Data for analysis

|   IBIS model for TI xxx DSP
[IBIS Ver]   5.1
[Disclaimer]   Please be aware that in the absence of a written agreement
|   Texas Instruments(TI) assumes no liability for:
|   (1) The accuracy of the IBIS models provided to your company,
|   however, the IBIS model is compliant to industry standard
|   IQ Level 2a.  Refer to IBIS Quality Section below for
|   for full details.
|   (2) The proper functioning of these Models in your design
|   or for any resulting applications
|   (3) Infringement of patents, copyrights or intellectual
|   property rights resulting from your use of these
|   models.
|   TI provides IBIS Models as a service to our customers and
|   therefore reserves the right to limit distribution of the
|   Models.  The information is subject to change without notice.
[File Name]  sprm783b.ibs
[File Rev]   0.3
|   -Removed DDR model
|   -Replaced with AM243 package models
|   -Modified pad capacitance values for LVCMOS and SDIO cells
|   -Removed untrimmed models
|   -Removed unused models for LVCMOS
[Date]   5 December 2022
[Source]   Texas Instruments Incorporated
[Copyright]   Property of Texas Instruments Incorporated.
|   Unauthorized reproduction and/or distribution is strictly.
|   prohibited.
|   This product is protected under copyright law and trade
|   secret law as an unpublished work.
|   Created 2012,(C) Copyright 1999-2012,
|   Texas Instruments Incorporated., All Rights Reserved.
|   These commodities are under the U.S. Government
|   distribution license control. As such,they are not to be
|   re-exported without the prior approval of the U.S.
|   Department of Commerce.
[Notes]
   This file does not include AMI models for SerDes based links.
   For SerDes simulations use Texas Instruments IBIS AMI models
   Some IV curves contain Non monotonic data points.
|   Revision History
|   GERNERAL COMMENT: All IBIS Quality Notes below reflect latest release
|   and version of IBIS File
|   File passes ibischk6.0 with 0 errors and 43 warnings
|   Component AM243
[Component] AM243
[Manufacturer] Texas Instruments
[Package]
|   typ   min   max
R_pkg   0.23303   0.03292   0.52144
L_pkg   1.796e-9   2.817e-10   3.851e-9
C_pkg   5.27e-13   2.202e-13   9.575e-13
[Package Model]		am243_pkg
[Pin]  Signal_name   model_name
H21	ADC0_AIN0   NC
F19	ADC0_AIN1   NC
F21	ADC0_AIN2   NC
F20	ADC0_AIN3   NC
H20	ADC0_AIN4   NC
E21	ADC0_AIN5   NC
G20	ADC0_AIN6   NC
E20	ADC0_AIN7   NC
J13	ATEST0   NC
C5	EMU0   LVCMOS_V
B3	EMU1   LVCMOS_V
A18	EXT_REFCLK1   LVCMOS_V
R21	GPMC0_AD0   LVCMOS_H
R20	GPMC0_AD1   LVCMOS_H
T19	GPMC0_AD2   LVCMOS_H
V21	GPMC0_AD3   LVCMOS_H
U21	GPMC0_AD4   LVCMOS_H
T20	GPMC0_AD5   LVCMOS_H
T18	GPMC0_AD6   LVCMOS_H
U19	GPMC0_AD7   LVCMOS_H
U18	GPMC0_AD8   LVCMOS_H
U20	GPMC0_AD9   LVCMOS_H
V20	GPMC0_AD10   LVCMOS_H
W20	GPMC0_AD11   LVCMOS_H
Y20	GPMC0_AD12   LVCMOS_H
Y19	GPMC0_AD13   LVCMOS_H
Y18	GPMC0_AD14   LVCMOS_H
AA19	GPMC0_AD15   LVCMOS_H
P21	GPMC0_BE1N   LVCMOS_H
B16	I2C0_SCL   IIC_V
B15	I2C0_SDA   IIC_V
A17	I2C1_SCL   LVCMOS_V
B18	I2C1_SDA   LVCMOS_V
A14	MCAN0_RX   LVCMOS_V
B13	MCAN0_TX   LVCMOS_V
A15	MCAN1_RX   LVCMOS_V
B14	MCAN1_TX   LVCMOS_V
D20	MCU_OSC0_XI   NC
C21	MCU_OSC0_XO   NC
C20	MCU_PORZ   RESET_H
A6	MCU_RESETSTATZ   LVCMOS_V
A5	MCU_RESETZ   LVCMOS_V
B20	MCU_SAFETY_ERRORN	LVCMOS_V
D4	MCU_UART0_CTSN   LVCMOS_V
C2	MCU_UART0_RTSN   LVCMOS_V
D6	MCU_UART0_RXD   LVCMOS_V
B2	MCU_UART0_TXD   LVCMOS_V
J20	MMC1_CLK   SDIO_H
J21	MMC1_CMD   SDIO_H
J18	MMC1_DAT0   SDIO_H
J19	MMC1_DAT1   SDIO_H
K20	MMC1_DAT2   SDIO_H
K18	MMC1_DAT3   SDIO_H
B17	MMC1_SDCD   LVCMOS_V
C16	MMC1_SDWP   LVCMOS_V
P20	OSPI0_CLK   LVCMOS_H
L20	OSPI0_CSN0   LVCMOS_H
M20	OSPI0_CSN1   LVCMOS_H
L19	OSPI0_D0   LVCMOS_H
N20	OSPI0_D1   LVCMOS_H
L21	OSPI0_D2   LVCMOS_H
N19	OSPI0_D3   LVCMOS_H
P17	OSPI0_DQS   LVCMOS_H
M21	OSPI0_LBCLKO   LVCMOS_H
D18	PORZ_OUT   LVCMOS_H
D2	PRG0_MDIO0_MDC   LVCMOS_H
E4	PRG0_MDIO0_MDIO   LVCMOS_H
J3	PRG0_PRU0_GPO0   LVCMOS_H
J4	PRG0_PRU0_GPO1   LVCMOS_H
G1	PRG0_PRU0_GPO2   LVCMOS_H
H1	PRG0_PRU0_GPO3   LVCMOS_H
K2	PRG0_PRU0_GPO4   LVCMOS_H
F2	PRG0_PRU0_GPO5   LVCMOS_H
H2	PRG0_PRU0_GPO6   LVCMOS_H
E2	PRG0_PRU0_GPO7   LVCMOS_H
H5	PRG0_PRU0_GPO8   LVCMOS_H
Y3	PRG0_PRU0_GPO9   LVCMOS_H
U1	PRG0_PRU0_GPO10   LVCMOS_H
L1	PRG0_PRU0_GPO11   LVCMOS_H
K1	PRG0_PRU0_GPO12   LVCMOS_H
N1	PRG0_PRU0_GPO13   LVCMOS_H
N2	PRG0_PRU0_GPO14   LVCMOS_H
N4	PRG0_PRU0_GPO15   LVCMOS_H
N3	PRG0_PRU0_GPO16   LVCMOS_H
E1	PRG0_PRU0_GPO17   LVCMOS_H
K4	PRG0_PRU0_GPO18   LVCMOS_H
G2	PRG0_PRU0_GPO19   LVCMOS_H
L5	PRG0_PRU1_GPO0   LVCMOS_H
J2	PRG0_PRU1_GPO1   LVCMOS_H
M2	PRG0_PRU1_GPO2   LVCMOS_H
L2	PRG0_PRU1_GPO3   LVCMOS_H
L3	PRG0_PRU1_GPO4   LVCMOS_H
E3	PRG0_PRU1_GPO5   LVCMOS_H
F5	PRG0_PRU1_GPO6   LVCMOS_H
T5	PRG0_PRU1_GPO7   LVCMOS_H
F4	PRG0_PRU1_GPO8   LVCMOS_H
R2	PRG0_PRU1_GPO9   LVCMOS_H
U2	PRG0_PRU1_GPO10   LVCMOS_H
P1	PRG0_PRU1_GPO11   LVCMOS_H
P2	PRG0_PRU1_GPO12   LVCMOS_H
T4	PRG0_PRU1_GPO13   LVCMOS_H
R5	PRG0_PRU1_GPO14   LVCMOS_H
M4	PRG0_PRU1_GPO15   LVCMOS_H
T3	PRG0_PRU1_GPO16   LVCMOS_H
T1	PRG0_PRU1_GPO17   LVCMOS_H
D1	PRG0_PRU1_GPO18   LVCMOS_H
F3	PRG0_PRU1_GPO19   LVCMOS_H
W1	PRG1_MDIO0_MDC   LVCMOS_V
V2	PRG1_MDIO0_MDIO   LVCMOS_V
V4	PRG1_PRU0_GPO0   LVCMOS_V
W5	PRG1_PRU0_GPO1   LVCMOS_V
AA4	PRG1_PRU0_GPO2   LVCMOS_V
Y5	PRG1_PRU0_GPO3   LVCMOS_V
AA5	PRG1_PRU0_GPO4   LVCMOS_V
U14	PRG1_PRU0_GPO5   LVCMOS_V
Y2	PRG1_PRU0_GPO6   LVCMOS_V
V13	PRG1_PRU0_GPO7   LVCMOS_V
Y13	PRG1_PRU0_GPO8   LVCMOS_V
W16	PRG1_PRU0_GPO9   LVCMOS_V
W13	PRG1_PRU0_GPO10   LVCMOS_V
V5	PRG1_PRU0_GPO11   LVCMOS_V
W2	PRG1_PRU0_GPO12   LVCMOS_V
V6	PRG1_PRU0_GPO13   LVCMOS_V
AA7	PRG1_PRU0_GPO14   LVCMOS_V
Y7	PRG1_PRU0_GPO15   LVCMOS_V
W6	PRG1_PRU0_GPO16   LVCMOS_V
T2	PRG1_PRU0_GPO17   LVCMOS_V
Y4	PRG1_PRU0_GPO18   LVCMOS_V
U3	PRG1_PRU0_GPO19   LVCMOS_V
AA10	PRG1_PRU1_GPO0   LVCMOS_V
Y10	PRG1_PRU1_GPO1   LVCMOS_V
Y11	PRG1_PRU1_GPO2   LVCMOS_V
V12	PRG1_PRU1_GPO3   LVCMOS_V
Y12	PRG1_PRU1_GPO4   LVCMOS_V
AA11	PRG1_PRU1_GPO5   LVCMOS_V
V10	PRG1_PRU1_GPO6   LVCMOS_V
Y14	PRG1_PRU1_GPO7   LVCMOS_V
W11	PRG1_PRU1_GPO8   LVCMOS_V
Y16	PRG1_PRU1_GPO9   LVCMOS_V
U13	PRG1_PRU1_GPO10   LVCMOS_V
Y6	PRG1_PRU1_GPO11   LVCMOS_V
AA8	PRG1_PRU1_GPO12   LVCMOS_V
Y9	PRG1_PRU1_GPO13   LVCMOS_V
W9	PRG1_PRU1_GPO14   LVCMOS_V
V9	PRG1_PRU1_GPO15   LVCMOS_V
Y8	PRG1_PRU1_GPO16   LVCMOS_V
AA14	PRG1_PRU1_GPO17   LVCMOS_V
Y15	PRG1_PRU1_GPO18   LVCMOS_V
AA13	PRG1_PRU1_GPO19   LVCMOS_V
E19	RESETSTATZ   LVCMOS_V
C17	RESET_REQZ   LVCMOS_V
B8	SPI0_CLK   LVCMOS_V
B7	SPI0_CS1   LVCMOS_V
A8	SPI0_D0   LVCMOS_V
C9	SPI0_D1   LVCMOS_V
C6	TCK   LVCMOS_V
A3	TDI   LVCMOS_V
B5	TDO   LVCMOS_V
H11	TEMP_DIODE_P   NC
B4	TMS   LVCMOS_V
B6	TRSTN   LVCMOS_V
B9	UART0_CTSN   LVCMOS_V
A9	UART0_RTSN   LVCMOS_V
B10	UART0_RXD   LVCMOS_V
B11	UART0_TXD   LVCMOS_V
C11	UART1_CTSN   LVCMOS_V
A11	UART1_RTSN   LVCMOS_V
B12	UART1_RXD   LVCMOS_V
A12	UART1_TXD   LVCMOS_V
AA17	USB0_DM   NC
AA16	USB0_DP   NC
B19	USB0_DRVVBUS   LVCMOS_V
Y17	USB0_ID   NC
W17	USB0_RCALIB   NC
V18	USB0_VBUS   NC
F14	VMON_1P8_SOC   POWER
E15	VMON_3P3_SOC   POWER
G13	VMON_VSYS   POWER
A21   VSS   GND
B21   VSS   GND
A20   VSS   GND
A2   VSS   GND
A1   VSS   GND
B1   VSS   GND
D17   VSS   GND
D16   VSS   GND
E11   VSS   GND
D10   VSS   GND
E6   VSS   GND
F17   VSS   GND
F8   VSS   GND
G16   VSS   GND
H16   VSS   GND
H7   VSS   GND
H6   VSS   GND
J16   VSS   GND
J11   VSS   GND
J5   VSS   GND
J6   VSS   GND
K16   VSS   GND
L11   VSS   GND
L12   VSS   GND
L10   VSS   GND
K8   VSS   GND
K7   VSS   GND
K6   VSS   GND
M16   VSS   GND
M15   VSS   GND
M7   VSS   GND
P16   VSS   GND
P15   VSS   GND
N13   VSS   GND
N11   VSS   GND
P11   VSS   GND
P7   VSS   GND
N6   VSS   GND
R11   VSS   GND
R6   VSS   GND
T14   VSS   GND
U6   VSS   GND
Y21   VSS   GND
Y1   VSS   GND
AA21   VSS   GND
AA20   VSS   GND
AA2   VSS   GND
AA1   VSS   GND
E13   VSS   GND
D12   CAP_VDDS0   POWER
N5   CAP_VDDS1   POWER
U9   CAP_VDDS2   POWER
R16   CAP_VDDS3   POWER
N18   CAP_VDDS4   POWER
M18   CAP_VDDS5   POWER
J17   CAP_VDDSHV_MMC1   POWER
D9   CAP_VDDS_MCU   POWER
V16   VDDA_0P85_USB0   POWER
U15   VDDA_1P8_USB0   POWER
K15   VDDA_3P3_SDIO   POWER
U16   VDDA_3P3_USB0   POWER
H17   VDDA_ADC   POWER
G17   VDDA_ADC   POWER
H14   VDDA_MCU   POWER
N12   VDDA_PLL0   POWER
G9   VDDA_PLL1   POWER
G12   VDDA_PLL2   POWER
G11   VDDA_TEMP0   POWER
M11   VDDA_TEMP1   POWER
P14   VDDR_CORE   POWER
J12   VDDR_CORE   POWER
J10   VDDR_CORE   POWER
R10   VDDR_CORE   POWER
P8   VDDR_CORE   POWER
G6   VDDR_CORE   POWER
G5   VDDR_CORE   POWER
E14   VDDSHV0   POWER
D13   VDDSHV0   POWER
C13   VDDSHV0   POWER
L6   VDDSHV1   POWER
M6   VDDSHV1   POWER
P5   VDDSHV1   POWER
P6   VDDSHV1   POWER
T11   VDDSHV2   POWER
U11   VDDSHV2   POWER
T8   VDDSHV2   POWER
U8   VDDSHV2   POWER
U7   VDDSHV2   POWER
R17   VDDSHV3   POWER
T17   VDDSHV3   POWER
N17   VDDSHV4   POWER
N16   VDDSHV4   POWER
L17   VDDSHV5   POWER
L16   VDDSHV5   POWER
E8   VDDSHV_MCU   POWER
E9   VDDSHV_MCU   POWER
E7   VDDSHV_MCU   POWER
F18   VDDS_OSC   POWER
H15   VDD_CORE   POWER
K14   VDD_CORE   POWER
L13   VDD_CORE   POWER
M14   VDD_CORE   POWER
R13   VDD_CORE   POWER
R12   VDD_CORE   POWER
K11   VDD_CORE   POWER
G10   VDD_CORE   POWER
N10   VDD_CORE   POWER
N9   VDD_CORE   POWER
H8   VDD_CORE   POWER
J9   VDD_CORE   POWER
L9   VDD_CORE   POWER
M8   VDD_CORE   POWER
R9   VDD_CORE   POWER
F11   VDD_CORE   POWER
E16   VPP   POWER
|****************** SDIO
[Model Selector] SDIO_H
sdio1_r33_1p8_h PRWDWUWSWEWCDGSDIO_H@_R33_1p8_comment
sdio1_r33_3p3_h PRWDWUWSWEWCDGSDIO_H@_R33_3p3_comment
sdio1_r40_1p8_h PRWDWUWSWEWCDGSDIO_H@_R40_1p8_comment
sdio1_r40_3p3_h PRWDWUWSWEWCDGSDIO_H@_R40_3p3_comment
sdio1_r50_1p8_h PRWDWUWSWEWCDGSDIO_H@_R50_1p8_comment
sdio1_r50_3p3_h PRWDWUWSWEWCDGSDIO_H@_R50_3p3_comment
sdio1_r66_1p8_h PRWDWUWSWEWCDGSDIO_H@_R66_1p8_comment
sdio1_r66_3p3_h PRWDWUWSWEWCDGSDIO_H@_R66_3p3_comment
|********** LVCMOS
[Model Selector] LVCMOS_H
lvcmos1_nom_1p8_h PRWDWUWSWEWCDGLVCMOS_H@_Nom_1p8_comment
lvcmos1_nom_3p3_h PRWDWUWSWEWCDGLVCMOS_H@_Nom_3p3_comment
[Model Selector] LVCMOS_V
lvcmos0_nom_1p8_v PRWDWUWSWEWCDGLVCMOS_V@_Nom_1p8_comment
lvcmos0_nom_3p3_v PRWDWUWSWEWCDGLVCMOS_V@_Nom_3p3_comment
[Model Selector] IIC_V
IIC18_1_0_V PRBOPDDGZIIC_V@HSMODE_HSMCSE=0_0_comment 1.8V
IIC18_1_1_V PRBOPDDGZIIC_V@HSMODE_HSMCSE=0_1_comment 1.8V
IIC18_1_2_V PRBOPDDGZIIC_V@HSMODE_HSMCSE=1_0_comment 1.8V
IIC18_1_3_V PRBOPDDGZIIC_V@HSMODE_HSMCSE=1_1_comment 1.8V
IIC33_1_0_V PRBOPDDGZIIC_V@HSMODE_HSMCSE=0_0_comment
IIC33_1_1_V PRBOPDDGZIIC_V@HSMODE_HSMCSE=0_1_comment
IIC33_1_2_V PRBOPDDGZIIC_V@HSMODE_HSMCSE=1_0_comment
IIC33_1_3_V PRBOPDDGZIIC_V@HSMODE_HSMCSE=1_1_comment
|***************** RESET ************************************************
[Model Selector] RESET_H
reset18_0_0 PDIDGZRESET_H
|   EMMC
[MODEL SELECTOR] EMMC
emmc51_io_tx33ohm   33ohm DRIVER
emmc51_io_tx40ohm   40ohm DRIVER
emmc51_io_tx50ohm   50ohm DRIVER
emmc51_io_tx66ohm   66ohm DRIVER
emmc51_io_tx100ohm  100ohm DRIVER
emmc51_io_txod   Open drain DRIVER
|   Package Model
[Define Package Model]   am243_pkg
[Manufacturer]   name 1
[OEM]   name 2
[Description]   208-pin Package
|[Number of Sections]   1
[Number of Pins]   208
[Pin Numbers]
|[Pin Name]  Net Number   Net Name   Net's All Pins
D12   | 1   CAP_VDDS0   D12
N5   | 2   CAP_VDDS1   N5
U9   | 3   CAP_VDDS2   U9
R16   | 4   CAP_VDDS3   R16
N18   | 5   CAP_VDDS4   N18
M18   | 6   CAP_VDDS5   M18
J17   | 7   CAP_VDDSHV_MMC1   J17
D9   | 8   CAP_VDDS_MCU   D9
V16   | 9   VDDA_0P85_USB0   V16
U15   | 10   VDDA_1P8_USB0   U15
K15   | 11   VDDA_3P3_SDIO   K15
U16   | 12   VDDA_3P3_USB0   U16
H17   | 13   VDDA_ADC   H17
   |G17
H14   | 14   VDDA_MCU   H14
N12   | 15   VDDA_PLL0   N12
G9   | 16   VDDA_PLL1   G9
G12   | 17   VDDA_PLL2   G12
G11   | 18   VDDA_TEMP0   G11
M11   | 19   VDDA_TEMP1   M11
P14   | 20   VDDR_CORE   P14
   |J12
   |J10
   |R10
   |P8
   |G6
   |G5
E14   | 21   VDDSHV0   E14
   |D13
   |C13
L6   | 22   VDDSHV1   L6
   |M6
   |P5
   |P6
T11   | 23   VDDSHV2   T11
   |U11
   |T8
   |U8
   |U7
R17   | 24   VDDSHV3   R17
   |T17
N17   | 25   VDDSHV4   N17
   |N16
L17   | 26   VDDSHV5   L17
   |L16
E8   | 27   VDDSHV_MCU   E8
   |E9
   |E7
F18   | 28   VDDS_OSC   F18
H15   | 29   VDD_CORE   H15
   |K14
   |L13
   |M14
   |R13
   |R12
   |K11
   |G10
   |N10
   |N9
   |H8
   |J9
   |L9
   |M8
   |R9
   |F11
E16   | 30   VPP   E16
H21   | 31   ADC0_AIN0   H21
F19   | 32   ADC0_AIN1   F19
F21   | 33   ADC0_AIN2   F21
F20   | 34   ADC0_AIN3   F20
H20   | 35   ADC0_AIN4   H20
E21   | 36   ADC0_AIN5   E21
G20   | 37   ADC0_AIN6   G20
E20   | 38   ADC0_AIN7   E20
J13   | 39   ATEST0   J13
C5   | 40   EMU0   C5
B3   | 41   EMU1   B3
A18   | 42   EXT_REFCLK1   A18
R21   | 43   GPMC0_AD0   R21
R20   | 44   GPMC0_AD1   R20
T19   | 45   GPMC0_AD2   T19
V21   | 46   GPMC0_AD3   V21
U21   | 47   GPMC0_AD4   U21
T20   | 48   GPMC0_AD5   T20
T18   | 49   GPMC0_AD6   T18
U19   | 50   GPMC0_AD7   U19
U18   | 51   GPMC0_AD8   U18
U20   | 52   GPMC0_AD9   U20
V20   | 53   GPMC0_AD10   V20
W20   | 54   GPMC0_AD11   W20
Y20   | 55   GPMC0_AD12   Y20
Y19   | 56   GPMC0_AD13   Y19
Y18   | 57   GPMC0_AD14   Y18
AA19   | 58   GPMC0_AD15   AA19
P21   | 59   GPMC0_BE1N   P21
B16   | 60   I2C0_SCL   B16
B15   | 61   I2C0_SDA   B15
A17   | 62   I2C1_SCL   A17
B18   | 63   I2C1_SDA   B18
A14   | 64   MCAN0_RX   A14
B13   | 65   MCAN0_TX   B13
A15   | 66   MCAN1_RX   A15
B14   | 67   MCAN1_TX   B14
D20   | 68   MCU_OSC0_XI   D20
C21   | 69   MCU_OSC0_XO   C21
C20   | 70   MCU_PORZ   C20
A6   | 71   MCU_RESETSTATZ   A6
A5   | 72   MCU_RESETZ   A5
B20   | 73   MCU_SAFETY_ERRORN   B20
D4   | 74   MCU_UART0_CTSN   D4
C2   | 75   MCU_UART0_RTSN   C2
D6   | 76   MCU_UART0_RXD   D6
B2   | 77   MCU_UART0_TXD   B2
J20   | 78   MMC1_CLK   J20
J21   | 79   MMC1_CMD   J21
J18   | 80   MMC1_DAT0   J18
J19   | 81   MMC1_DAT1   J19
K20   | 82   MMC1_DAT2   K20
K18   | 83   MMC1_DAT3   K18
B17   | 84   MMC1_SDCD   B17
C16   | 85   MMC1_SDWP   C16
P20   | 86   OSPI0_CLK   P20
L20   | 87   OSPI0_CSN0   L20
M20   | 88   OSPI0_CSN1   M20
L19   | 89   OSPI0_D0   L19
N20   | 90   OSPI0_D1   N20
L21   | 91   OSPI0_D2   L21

Exercise
Print exactly the lines above from the one with "lvcmos0_nom_3p3_v PRWDWUWSWEWCDGLVCMOS_V@_Nom_3p3_comment" to the one with "IIC33_1_1_V PRBOPDDGZIIC_V@HSMODE_HSMCSE=0_1_comment", including both.

Finished exercise
lvcmos0_nom_3p3_v PRWDWUWSWEWCDGLVCMOS_V@_Nom_3p3_comment
[Model Selector] IIC_V
IIC18_1_0_V PRBOPDDGZIIC_V@HSMODE_HSMCSE=0_0_comment 1.8V
IIC18_1_1_V PRBOPDDGZIIC_V@HSMODE_HSMCSE=0_1_comment 1.8V
IIC18_1_2_V PRBOPDDGZIIC_V@HSMODE_HSMCSE=1_0_comment 1.8V
IIC18_1_3_V PRBOPDDGZIIC_V@HSMODE_HSMCSE=1_1_comment 1.8V
IIC33_1_0_V PRBOPDDGZIIC_V@HSMODE_HSMCSE=0_0_comment
IIC33_1_1_V PRBOPDDGZIIC_V@HSMODE_HSMCSE=0_1_comment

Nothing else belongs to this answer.